Where a scheduled release date falls on a Monday the scheduled release has been pushed forwards by a day, to the Tuesday, to ensure compliance with the Pre-release Access to Official Statistics Order.
The publication schedule for these statistics, and all other Insolvency Service statistics, can be found on the UK National Statistics Publication Hub.
Comparability and Coherence: Comparability is the degree to which data can be compared over time and domain. Coherence is the degree to which data are derived from different sources or methods, but refer to the same topic, are similar.
The Insolvency Service also publishes monthly insolvency statistics. The sum of these quarterly statistics may not equal previously published monthly statistics since the data were extracted at different times from live administrative systems which are subject to amendments.
The Gazette (formally the combination of three publications: The London Gazette, The Belfast Gazette and The Edinburgh Gazette) is an official journal of record consisting of statutory notices, including company and personal insolvency notices. The timings of the publication of Gazette notices and the registration of company insolvencies at Companies House may differ and therefore the numbers of insolvencies in a specified time period may not align.
Individual insolvencies in Scotland are compiled and published separately by the Accountant in Bankruptcy (AiB). The Insolvency Service incorporates individual insolvencies in Scotland into the quarterly individual insolvency statistics for completeness. Therefore, these statistics should align.

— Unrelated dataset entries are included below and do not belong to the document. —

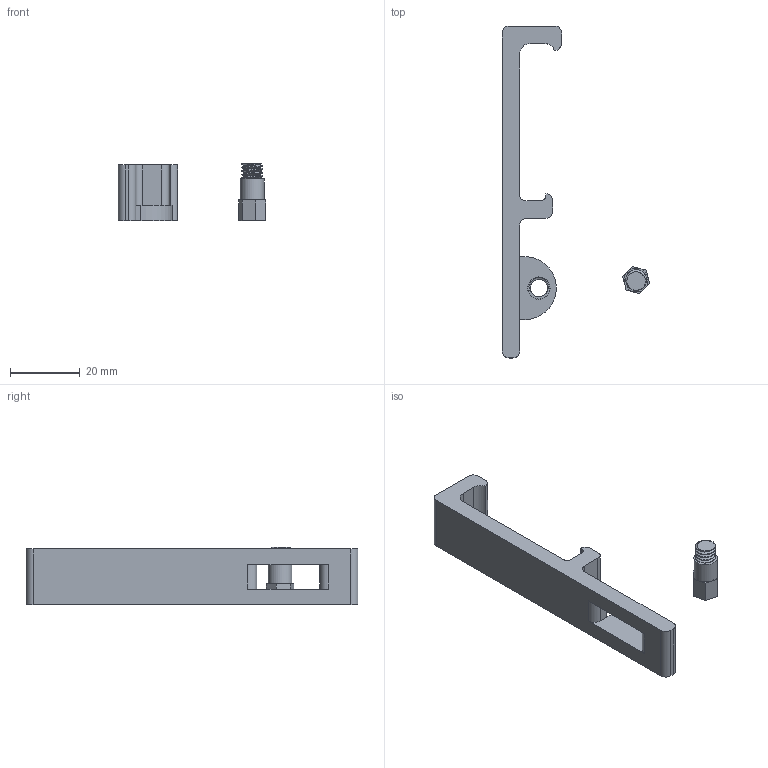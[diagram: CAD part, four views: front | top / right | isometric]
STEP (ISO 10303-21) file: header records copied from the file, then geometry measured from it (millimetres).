
FILE_DESCRIPTION(/* description */ (''),/* implementation_level */ '2;1');
FILE_NAME(/* name */ 'Soporte reloj comparador ender3v3.step',/* time_stamp */ '2026-03-02T03:02:11-03:00',/* author */ (''),/* organization */ (''),/* preprocessor_version */ 'ST-DEVELOPER v20.1',/* originating_system */ 'Autodesk Translation Framework v14.21.0.0',/* authorisation */ '');
FILE_SCHEMA (('AUTOMOTIVE_DESIGN { 1 0 10303 214 3 1 1 }'));
Length unit declared in the file: millimetre
Products named in the file (1): Soporte reloj comparador ender3v3
Bounding box: 42.23 x 95 x 16.5 mm (x, y, z)
Volume: 9954.2 mm3; surface area: 6144.2 mm2
Topology: 3 solids, 3 shells, 77 faces, 205 edges, 136 vertices
Faces by surface type: cylinder 41, plane 32, bspline 4
Full cylindrical faces by diameter (mm): 4.744 x1, 5.035 x2, 5.884 x3, 6.3 x1, 6.4 x1, 6.8 x1
Entity records: 4188 total; most frequent: CARTESIAN_POINT 2301, ORIENTED_EDGE 410, DIRECTION 343, EDGE_CURVE 205, VERTEX_POINT 136, AXIS2_PLACEMENT_3D 118, LINE 107, VECTOR 107
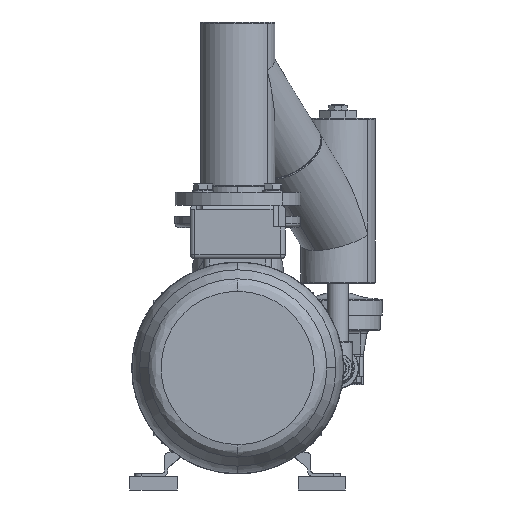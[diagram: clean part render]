
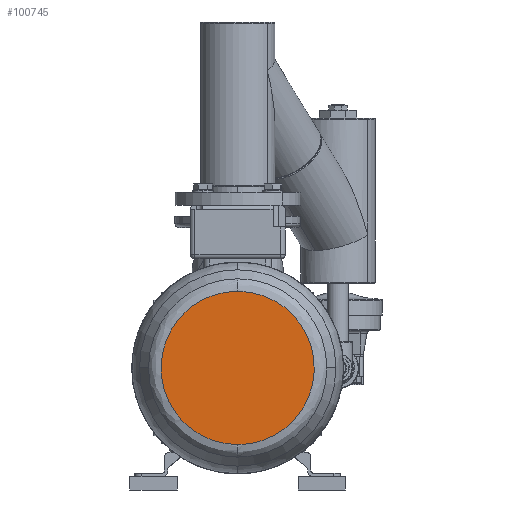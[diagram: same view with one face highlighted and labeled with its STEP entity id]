
A CAD part, front view. The second image highlights one B-rep face of the part: STEP entity #100745.
In plain terms, the highlighted planar face has unit normal (0, -1, 0).
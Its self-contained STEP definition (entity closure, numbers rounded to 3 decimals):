
#30989 = ORIENTED_EDGE ( 'NONE', *, *, #105546, .F. ) ;
#32838 = ORIENTED_EDGE ( 'NONE', *, *, #102001, .F. ) ;
#100361 = EDGE_LOOP ( 'NONE', ( #30989, #32838 ) ) ;
#100745 = ADVANCED_FACE ( 'NONE', ( #111998 ), #111982, .T. ) ;
#102001 = EDGE_CURVE ( 'NONE', #105497, #104453, #113262, .T. ) ;
#104453 = VERTEX_POINT ( 'NONE', #120674 ) ;
#105497 = VERTEX_POINT ( 'NONE', #120807 ) ;
#105546 = EDGE_CURVE ( 'NONE', #104453, #105497, #120911, .T. ) ;
#111980 = AXIS2_PLACEMENT_3D ( 'NONE', #111993, #111992, #111991 ) ;
#111982 = PLANE ( 'NONE',  #111980 ) ;
#111991 = DIRECTION ( 'NONE',  ( 1., 0., 0. ) ) ;
#111992 = DIRECTION ( 'NONE',  ( 0., -1., 0. ) ) ;
#111993 = CARTESIAN_POINT ( 'NONE',  ( -154.478, -908.523, 25. ) ) ;
#111998 = FACE_OUTER_BOUND ( 'NONE', #100361, .T. ) ;
#113255 = CARTESIAN_POINT ( 'NONE',  ( -154.478, -908.523, -87.932 ) ) ;
#113256 = CARTESIAN_POINT ( 'NONE',  ( 71.387, -908.523, -87.932 ) ) ;
#113257 = CARTESIAN_POINT ( 'NONE',  ( 71.387, -908.523, 137.932 ) ) ;
#113258 = CARTESIAN_POINT ( 'NONE',  ( -154.478, -908.523, 137.932 ) ) ;
#113262 =( BOUNDED_CURVE ( )  B_SPLINE_CURVE ( 3, ( #113258, #113257, #113256, #113255 ),
 .UNSPECIFIED., .F., .T. ) 
 B_SPLINE_CURVE_WITH_KNOTS ( ( 4, 4 ),
 ( 0., 1. ),
 .UNSPECIFIED. ) 
 CURVE ( )  GEOMETRIC_REPRESENTATION_ITEM ( )  RATIONAL_B_SPLINE_CURVE ( ( 1., 0.333, 0.333, 1. ) ) 
 REPRESENTATION_ITEM ( '' )  );
#120674 = CARTESIAN_POINT ( 'NONE',  ( -154.478, -908.523, -87.932 ) ) ;
#120807 = CARTESIAN_POINT ( 'NONE',  ( -154.478, -908.523, 137.932 ) ) ;
#120892 = CARTESIAN_POINT ( 'NONE',  ( -154.478, -908.523, 137.932 ) ) ;
#120894 = CARTESIAN_POINT ( 'NONE',  ( -380.343, -908.523, 137.932 ) ) ;
#120896 = CARTESIAN_POINT ( 'NONE',  ( -380.343, -908.523, -87.932 ) ) ;
#120899 = CARTESIAN_POINT ( 'NONE',  ( -154.478, -908.523, -87.932 ) ) ;
#120911 =( BOUNDED_CURVE ( )  B_SPLINE_CURVE ( 3, ( #120899, #120896, #120894, #120892 ),
 .UNSPECIFIED., .F., .F. ) 
 B_SPLINE_CURVE_WITH_KNOTS ( ( 4, 4 ),
 ( 0., 1. ),
 .UNSPECIFIED. ) 
 CURVE ( )  GEOMETRIC_REPRESENTATION_ITEM ( )  RATIONAL_B_SPLINE_CURVE ( ( 1., 0.333, 0.333, 1. ) ) 
 REPRESENTATION_ITEM ( '' )  );

Accessibility and Clarity: Accessibility is the ease with which users are able to access the data, also reflecting the format in which the data are available and the availability of supporting information. Clarity refers to the quality and sufficiency of metadata, illustrations and accompanying advice.
Insolvency Statistics are available free of charge to the end user on the They are released via the Publication Hub and they meet the standards required under the Code of Practice for Official Statistics.
Historical insolvency data are also published for the key series, on the National Archives website.